For plug and play, HSRMotors seems to have the best solution -- prices are pretty high but they have performance, reliability, and ease of use. Maybe you could look at some 3d scans and see how a Tesla unit would fit: large drive unit scan front drive unit scan

If you want to keep the transmission (might only be possible if it's a manual) then a DC motor could be a good choice. Something like a Warp11 with a Soliton controller (cost over $5000 probably - new DC motors are incredibly expensive). DC motors give excellent torque at lower speeds, so they are well suited for a build with a transmission. However, they should only be revved to 5000 or so (depending on the motor) because brushes will wear down.

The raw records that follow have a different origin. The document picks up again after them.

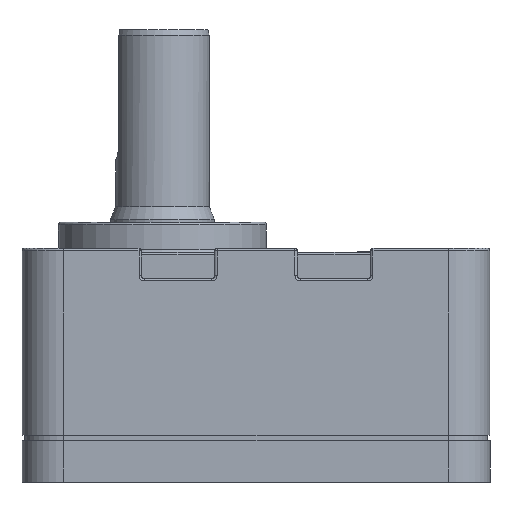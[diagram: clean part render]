
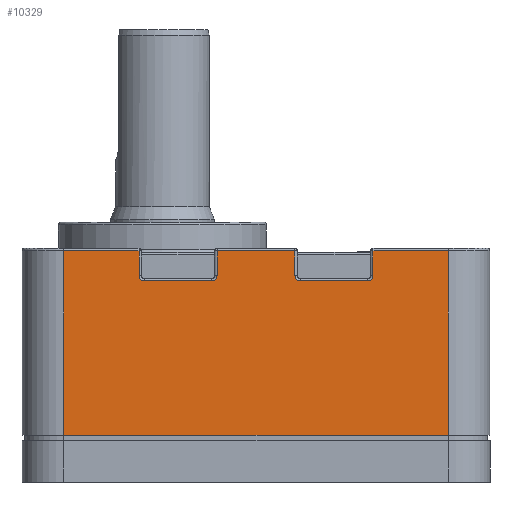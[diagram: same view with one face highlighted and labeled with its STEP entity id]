
A CAD part, left-side view. The second image highlights one B-rep face of the part: STEP entity #10329.
In plain terms, the highlighted planar face has unit normal (-1, 0, 0).
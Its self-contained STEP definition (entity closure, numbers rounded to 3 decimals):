
#9985=CARTESIAN_POINT('',(-90.,8.,71.037));
#9986=VERTEX_POINT('',#9985);
#9995=CARTESIAN_POINT('',(-90.,22.5,71.037));
#9996=VERTEX_POINT('',#9995);
#10004=CARTESIAN_POINT('',(-90.,22.5,71.037));
#10005=DIRECTION('',(0.0,-1.0,0.0));
#10006=VECTOR('',#10005,14.5);
#10007=LINE('',#10004,#10006);
#10008=EDGE_CURVE('',#9996,#9986,#10007,.T.);
#10199=CARTESIAN_POINT('',(-90.,90.,71.537));
#10200=DIRECTION('',(-1.0,0.0,0.0));
#10201=DIRECTION('',(0.0,0.0,-1.0));
#10202=AXIS2_PLACEMENT_3D('',#10199,#10200,#10201);
#10203=PLANE('',#10202);
#10204=ORIENTED_EDGE('',*,*,#10008,.F.);
#10205=CARTESIAN_POINT('',(-90.,22.5,66.237));
#10206=VERTEX_POINT('',#10205);
#10207=CARTESIAN_POINT('',(-90.,22.5,66.237));
#10208=DIRECTION('',(0.0,0.0,1.0));
#10209=VECTOR('',#10208,4.8);
#10210=LINE('',#10207,#10209);
#10211=EDGE_CURVE('',#10206,#9996,#10210,.T.);
#10212=ORIENTED_EDGE('',*,*,#10211,.F.);
#10213=CARTESIAN_POINT('',(-90.,23.5,65.237));
#10214=VERTEX_POINT('',#10213);
#10215=CARTESIAN_POINT('',(-90.,23.5,66.237));
#10216=DIRECTION('',(-1.0,0.,0.));
#10217=DIRECTION('',(0.,-0.707,-0.707));
#10218=AXIS2_PLACEMENT_3D('',#10215,#10216,#10217);
#10219=CIRCLE('',#10218,1.0);
#10220=EDGE_CURVE('',#10214,#10206,#10219,.T.);
#10221=ORIENTED_EDGE('',*,*,#10220,.F.);
#10222=CARTESIAN_POINT('',(-90.,36.5,65.237));
#10223=VERTEX_POINT('',#10222);
#10224=CARTESIAN_POINT('',(-90.,36.5,65.237));
#10225=DIRECTION('',(0.0,-1.0,0.0));
#10226=VECTOR('',#10225,13.);
#10227=LINE('',#10224,#10226);
#10228=EDGE_CURVE('',#10223,#10214,#10227,.T.);
#10229=ORIENTED_EDGE('',*,*,#10228,.F.);
#10230=CARTESIAN_POINT('',(-90.,37.5,66.237));
#10231=VERTEX_POINT('',#10230);
#10232=CARTESIAN_POINT('',(-90.,36.5,66.237));
#10233=DIRECTION('',(-1.0,0.,0.));
#10234=DIRECTION('',(0.,0.707,-0.707));
#10235=AXIS2_PLACEMENT_3D('',#10232,#10233,#10234);
#10236=CIRCLE('',#10235,1.0);
#10237=EDGE_CURVE('',#10231,#10223,#10236,.T.);
#10238=ORIENTED_EDGE('',*,*,#10237,.F.);
#10239=CARTESIAN_POINT('',(-90.,37.5,71.037));
#10240=VERTEX_POINT('',#10239);
#10241=CARTESIAN_POINT('',(-90.,37.5,71.037));
#10242=DIRECTION('',(0.0,0.0,-1.0));
#10243=VECTOR('',#10242,4.8);
#10244=LINE('',#10241,#10243);
#10245=EDGE_CURVE('',#10240,#10231,#10244,.T.);
#10246=ORIENTED_EDGE('',*,*,#10245,.F.);
#10247=CARTESIAN_POINT('',(-90.,52.5,71.037));
#10248=VERTEX_POINT('',#10247);
#10249=CARTESIAN_POINT('',(-90.,52.5,71.037));
#10250=DIRECTION('',(0.0,-1.0,0.0));
#10251=VECTOR('',#10250,15.0);
#10252=LINE('',#10249,#10251);
#10253=EDGE_CURVE('',#10248,#10240,#10252,.T.);
#10254=ORIENTED_EDGE('',*,*,#10253,.F.);
#10255=CARTESIAN_POINT('',(-90.,52.5,66.237));
#10256=VERTEX_POINT('',#10255);
#10257=CARTESIAN_POINT('',(-90.,52.5,66.237));
#10258=DIRECTION('',(0.0,0.0,1.0));
#10259=VECTOR('',#10258,4.8);
#10260=LINE('',#10257,#10259);
#10261=EDGE_CURVE('',#10256,#10248,#10260,.T.);
#10262=ORIENTED_EDGE('',*,*,#10261,.F.);
#10263=CARTESIAN_POINT('',(-90.,53.5,65.237));
#10264=VERTEX_POINT('',#10263);
#10265=CARTESIAN_POINT('',(-90.,53.5,66.237));
#10266=DIRECTION('',(-1.0,0.,0.));
#10267=DIRECTION('',(0.,-0.707,-0.707));
#10268=AXIS2_PLACEMENT_3D('',#10265,#10266,#10267);
#10269=CIRCLE('',#10268,1.0);
#10270=EDGE_CURVE('',#10264,#10256,#10269,.T.);
#10271=ORIENTED_EDGE('',*,*,#10270,.F.);
#10272=CARTESIAN_POINT('',(-90.,66.5,65.237));
#10273=VERTEX_POINT('',#10272);
#10274=CARTESIAN_POINT('',(-90.,66.5,65.237));
#10275=DIRECTION('',(0.0,-1.0,0.0));
#10276=VECTOR('',#10275,13.0);
#10277=LINE('',#10274,#10276);
#10278=EDGE_CURVE('',#10273,#10264,#10277,.T.);
#10279=ORIENTED_EDGE('',*,*,#10278,.F.);
#10280=CARTESIAN_POINT('',(-90.,67.5,66.237));
#10281=VERTEX_POINT('',#10280);
#10282=CARTESIAN_POINT('',(-90.,66.5,66.237));
#10283=DIRECTION('',(-1.0,0.,0.));
#10284=DIRECTION('',(0.,0.707,-0.707));
#10285=AXIS2_PLACEMENT_3D('',#10282,#10283,#10284);
#10286=CIRCLE('',#10285,1.0);
#10287=EDGE_CURVE('',#10281,#10273,#10286,.T.);
#10288=ORIENTED_EDGE('',*,*,#10287,.F.);
#10289=CARTESIAN_POINT('',(-90.,67.5,71.037));
#10290=VERTEX_POINT('',#10289);
#10291=CARTESIAN_POINT('',(-90.,67.5,71.037));
#10292=DIRECTION('',(0.0,0.0,-1.0));
#10293=VECTOR('',#10292,4.8);
#10294=LINE('',#10291,#10293);
#10295=EDGE_CURVE('',#10290,#10281,#10294,.T.);
#10296=ORIENTED_EDGE('',*,*,#10295,.F.);
#10297=CARTESIAN_POINT('',(-90.,82.,71.037));
#10298=VERTEX_POINT('',#10297);
#10299=CARTESIAN_POINT('',(-90.,82.,71.037));
#10300=DIRECTION('',(0.0,-1.0,0.0));
#10301=VECTOR('',#10300,14.5);
#10302=LINE('',#10299,#10301);
#10303=EDGE_CURVE('',#10298,#10290,#10302,.T.);
#10304=ORIENTED_EDGE('',*,*,#10303,.F.);
#10305=CARTESIAN_POINT('',(-90.,82.,35.537));
#10306=VERTEX_POINT('',#10305);
#10307=CARTESIAN_POINT('',(-90.,82.,35.537));
#10308=DIRECTION('',(0.0,0.0,1.0));
#10309=VECTOR('',#10308,35.5);
#10310=LINE('',#10307,#10309);
#10311=EDGE_CURVE('',#10306,#10298,#10310,.T.);
#10312=ORIENTED_EDGE('',*,*,#10311,.F.);
#10313=CARTESIAN_POINT('',(-90.,8.,35.537));
#10314=VERTEX_POINT('',#10313);
#10315=CARTESIAN_POINT('',(-90.,82.,35.537));
#10316=DIRECTION('',(0.0,-1.0,0.0));
#10317=VECTOR('',#10316,74.);
#10318=LINE('',#10315,#10317);
#10319=EDGE_CURVE('',#10306,#10314,#10318,.T.);
#10320=ORIENTED_EDGE('',*,*,#10319,.T.);
#10321=CARTESIAN_POINT('',(-90.,8.,71.037));
#10322=DIRECTION('',(0.0,0.0,-1.0));
#10323=VECTOR('',#10322,35.5);
#10324=LINE('',#10321,#10323);
#10325=EDGE_CURVE('',#9986,#10314,#10324,.T.);
#10326=ORIENTED_EDGE('',*,*,#10325,.F.);
#10327=EDGE_LOOP('',(#10204,#10212,#10221,#10229,#10238,#10246,#10254,#10262,#10271,#10279,#10288,#10296,#10304,#10312,#10320,#10326));
#10328=FACE_OUTER_BOUND('',#10327,.T.);
#10329=ADVANCED_FACE('',(#10328),#10203,.T.);

Do you have a budget? How about range requirements/preferences? It's easy to get 60 miles, 90 isn't too hard, when you want 100+ it gets a little harder to fit them all in (depending on the car).

-Isaac


----------



## Tremelune (Dec 8, 2009)

The first big question is: transmission or no transmission?

If you ditch the transmission and differential, you'll lose a lot of weight and complexity. The tricky bit is how integral the rear drivetrain is to the suspension...If it's all isolated, all you need to do is position a Tesla/Leaf motor so the output is even with the wheel hub centers, bolt it up, and modify or purchase axles to fit. Gearing will likely take you over 100mph, depending on the diameter of your tires. I built this little visualizer for that: Gear Wars

If it's not too bad to pull the rear diff and fit a Leaf/Tesla motor that will drive those rear wheels...that's the route I'd go, even if you have to cut up the trunk some. Redesigning suspensions is beyond my abilities.

If you don't ditch the transmission and differential, the Tesla motor becomes a lot more difficult. The Leaf motor unbolts easily from its gearbox, and can be mated to the OEM transmission with an adapter plate and something for the shaft (this is not trivial). The up side here is that, with a transmission in place, it will be _fast_ off the line with even a Leaf motor. Automatic transmissions require some extra hoops to jump through...They're not well suited to EV conversions, but finding an OEM manual transmission for this car will be tricky (if it even mates up to the rear driveshaft without modification.

For 50mi of range, you're looking at maybe 15-20kWh worth of battery. For 100mi, it's just double that. Range is greatly impacted by speed, weight, cold days, and heat/AC. Leaf batteries are about as cheap as they get, and they're not bad at all. Tesla batteries have greater power density and longevity, but cost much more and require liquid cooling.

There are more motors and batteries that are viable, but anything from the last fives years will cost way more than earlier stuff. There still aren't that many factory EVs to pull parts from.


----------